Pemkot Cirebon Peringati Harkitnas 2026 dengan Semangat Kedaulatan Digital

KOTA CIREBON | BBCOM Pemerintah Kota Cirebon menggelar Upacara Peringatan Hari Kebangkitan Nasional (Harkitnas) ke-118 tingkat Kota Cirebon Tahun 2026 di halaman Balai Kota Cirebon, Rabu (20/5/2026). Momentum tersebut dimanfaatkan untuk menegaskan pentingnya menjaga kedaulatan informasi serta memperkuat literasi digital di tengah masyarakat.

Bertindak sebagai Inspektur Upacara, Sekretaris Daerah Kota Cirebon, Iing Daiman, hadir mewakili Wali Kota Cirebon, Effendi Edo. Upacara berlangsung khidmat dan diikuti unsur Forum Koordinasi Pimpinan Daerah (Forkopimda), jajaran pejabat Pemerintah Kota Cirebon, aparatur sipil negara (ASN), serta perwakilan organisasi kepemudaan.

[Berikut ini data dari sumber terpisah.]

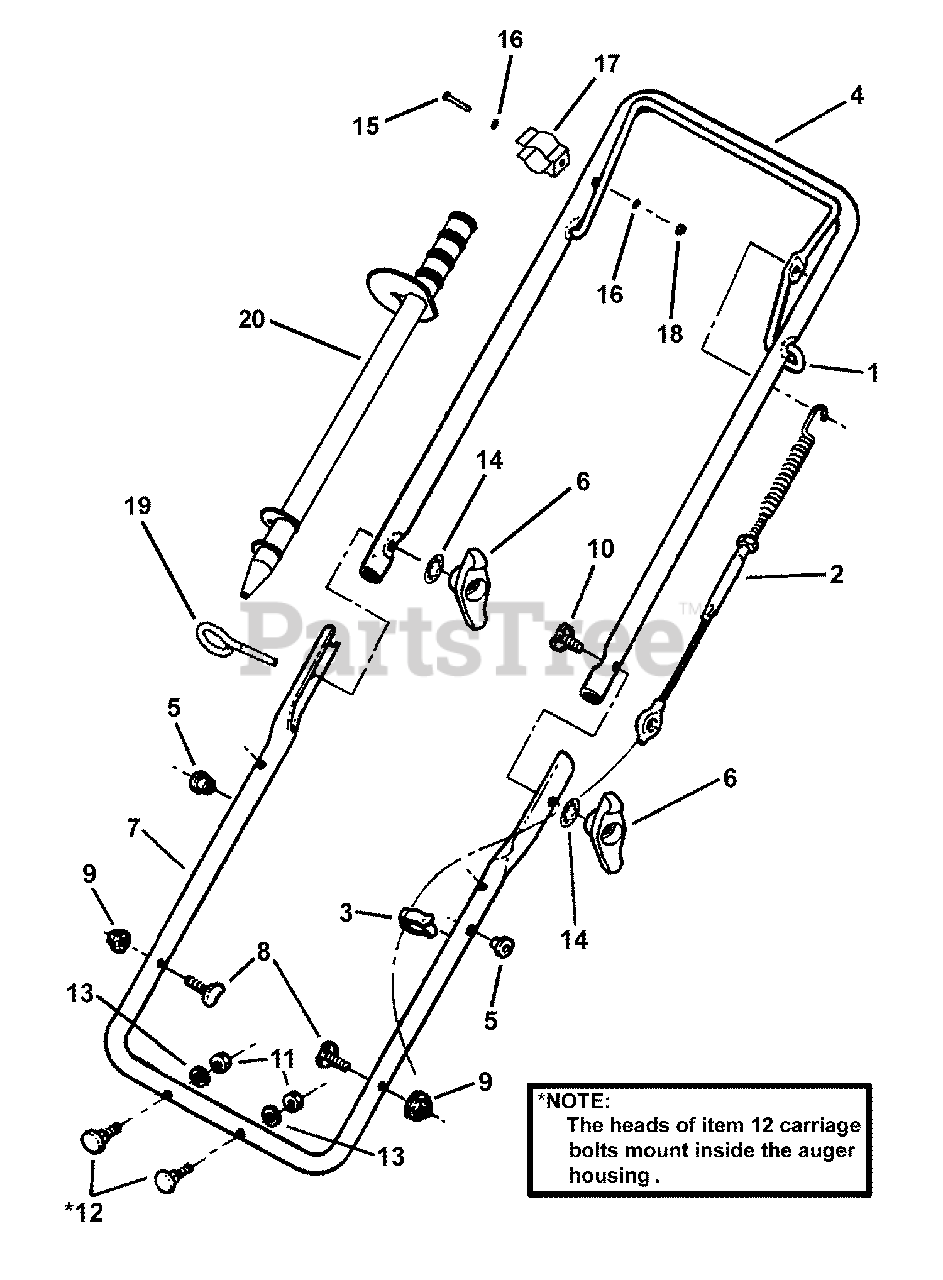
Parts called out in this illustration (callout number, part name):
1	BAIL, Drive Control
2	CABLE, Drive Control
3	CLIP, Wiring Harness
4	HANDLE, Upper
5	INSERT, Nylon
6	KNOB, 5/16-18 Wing (Black)
7	HANDLE, Lower
8	BOLT, 5/16-18 x 1-3/8" Curved Head
9	NUT, 5/16-18 Hex Flange Lock, GR 5
10	BOLT, 5/16-18 x 2" Curved Head, GR 2
11	NUT, 5/16-18 Hex
12	* BOLT, 5/16-18 x 1-1/2" Square Neck Carriage, GR 5
13	WASHER, 5/16" Split Lock
14	WASHER, 5/16" Internal Tooth Lock
15	SCREW, #10-24 x 1-1/4" Hex Head Cap, GR 5
16	WASHER, #10 Flat
17	HOLDER, Snostik, Upper
18	NUT, #10-24 Hex Center Lock
19	HOLDER, Snostik, Lower (5/16-18 thread)
20	SNOW STICK

Dalam sambutannya, Iing Daiman menyampaikan bahwa peringatan Harkitnas tidak sekadar menjadi agenda seremonial tahunan, tetapi harus dimaknai sebagai momentum refleksi untuk memperkuat persatuan dan semangat kebangsaan di tengah tantangan zaman yang semakin kompleks.

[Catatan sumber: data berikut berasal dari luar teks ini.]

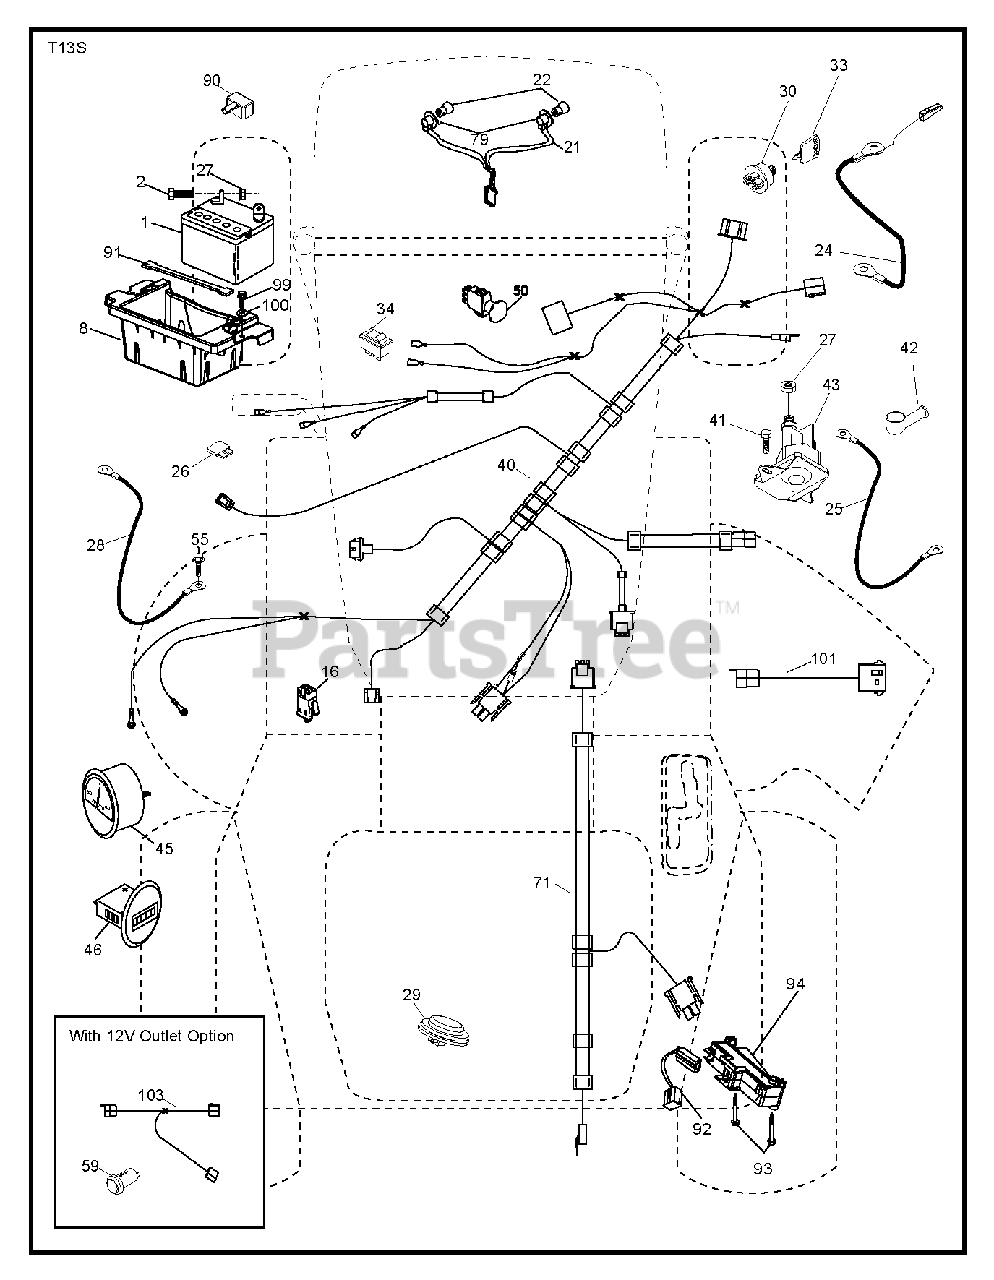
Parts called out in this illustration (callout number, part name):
1	REPL BY 532 12 38-99
8	BOX.BATTERY.MOUNT.FRONT.LT
16	SWITCH INTERLOOK PUSH-IN
21	HARNESS.W/LIGHT SOCKET
22	LIGHTBULB
24	CABLE.BATT.POS.WIRE.TG.DA SOL
25	CABLE.START.RED.17.5".
26	FUSE 20AMP
27	NUT
28	CABLE GROUND 6 GA 21" 90T BLK
29	SWITCH.SEAT.DELTA.OPC.
30	SWITCH.IGN.DELTA.W.LGH.ROS
33	KEY.CHAIN.BLISTER.PACK.GEN.INT
34	SWITCH LT
40	HARNESS IGN. DASH
41	SCREW
42	TERMINAL COVER
43	SOLENOID.W/BRASS.PLUNG
46	HOURMETER SNAP-IN
50	PTO SWITCH
55	SCREW 5/16"
71	HARNESS-CHASSIS SUB
79	BULB HOLDER ASM.
90	COVER.TERMINAL.BATTERY
91	STRAP, BATTERY MOUNT
92	HARNESS.PIGTAIL.CONSLE
93	SCREW.PLASTITE
94	MODULE.REVERSE.ROS
99	SCREW HEXWSHR 1/4-20X3/4
101	PIGTAIL.MATNLK.NEW.HAR

“Momentum ini menjadi kesempatan penting bagi kita semua untuk merefleksikan kembali nilai-nilai persatuan, kesatuan, dan nasionalisme dalam menjawab berbagai tantangan pembangunan saat ini,” ujar Iing.

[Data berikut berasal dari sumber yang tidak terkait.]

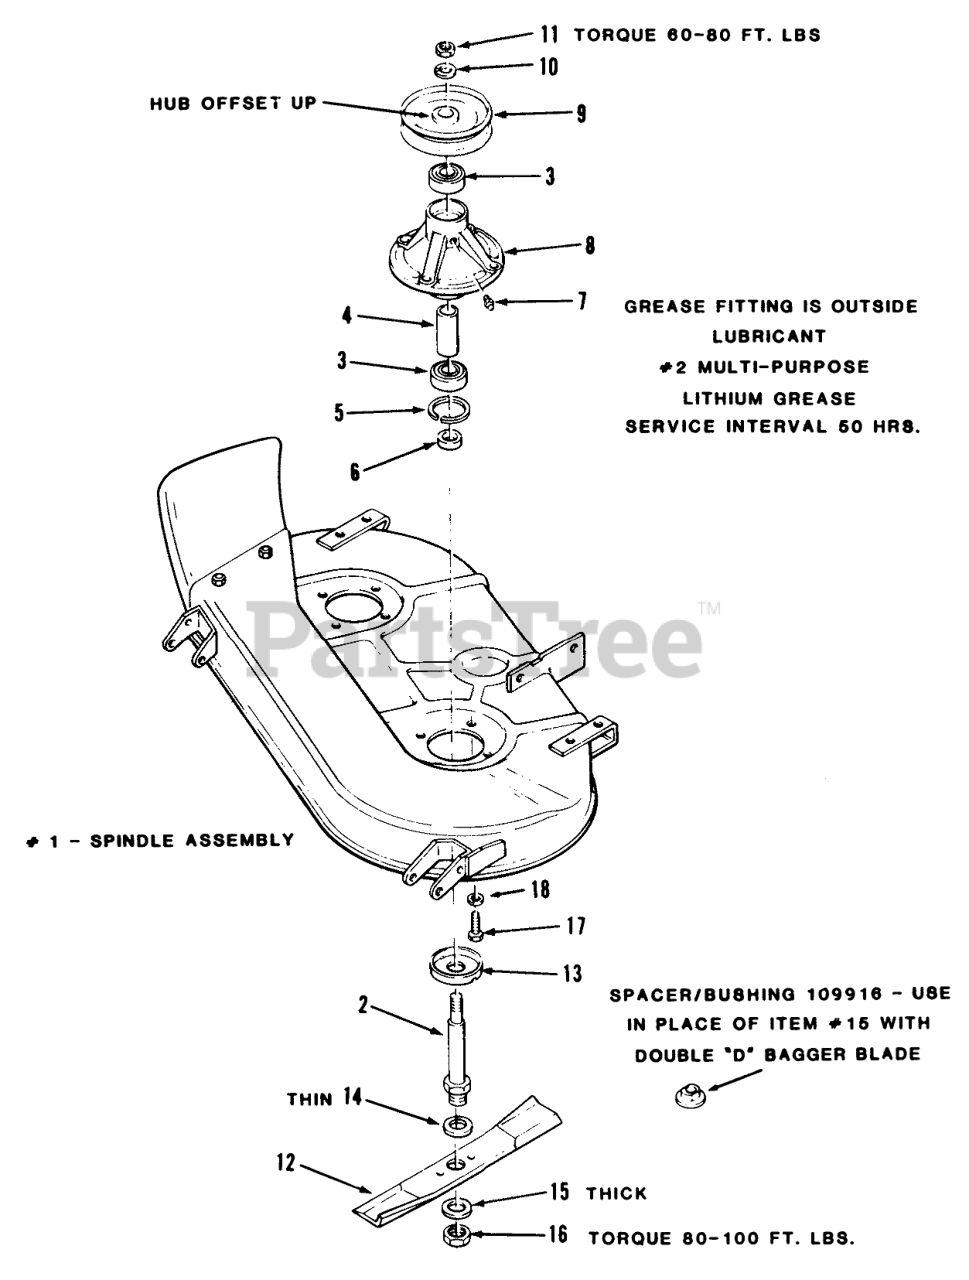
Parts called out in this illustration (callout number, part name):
2	SHAFT SPINDLE
3	BEARING-BALL
5	Ring-Snap
6	SPACER-BLADE
7	Fitting-Grease
8	HOUSING SPINDLE
9	BLADE PULLEY
10	Lockwasher
11	Nut
12	ASSY BLADE KIT
13	CUP-SPINDLE
14	Washer
15	Washer
16	Nut
17	BOLT
18	LOCKWASHER

Pada kesempatan tersebut, Sekda membacakan sambutan tertulis Menteri Komunikasi dan Digital Republik Indonesia dengan tema “Jaga Tunas Bangsa Demi Kedaulatan Negara”.

Dalam pidato tersebut disampaikan bahwa Hari Kebangkitan Nasional menjadi pengingat lahirnya kesadaran kolektif bangsa melalui berdirinya Boedi Oetomo pada tahun 1908. Saat itu, kaum terpelajar pribumi mulai menyatukan kekuatan melampaui sekat kedaerahan demi memperjuangkan cita-cita bangsa.

Namun, memasuki tahun 2026, tantangan kebangsaan dinilai telah bergeser. Jika dahulu perjuangan berfokus pada kedaulatan wilayah, kini perjuangan juga menyentuh aspek kedaulatan informasi dan transformasi digital.

Pemerintah pusat, lanjutnya, terus mendorong berbagai program strategis nasional yang menyentuh kebutuhan dasar masyarakat, termasuk upaya perlindungan generasi muda di ruang digital. Salah satu langkah konkret yang telah diterapkan yakni pemberlakuan penuh Peraturan Pemerintah Nomor 17 Tahun 2025 tentang Tata Kelola Penyelenggaraan Sistem Elektronik dalam Pelindungan Anak (PP TUNAS).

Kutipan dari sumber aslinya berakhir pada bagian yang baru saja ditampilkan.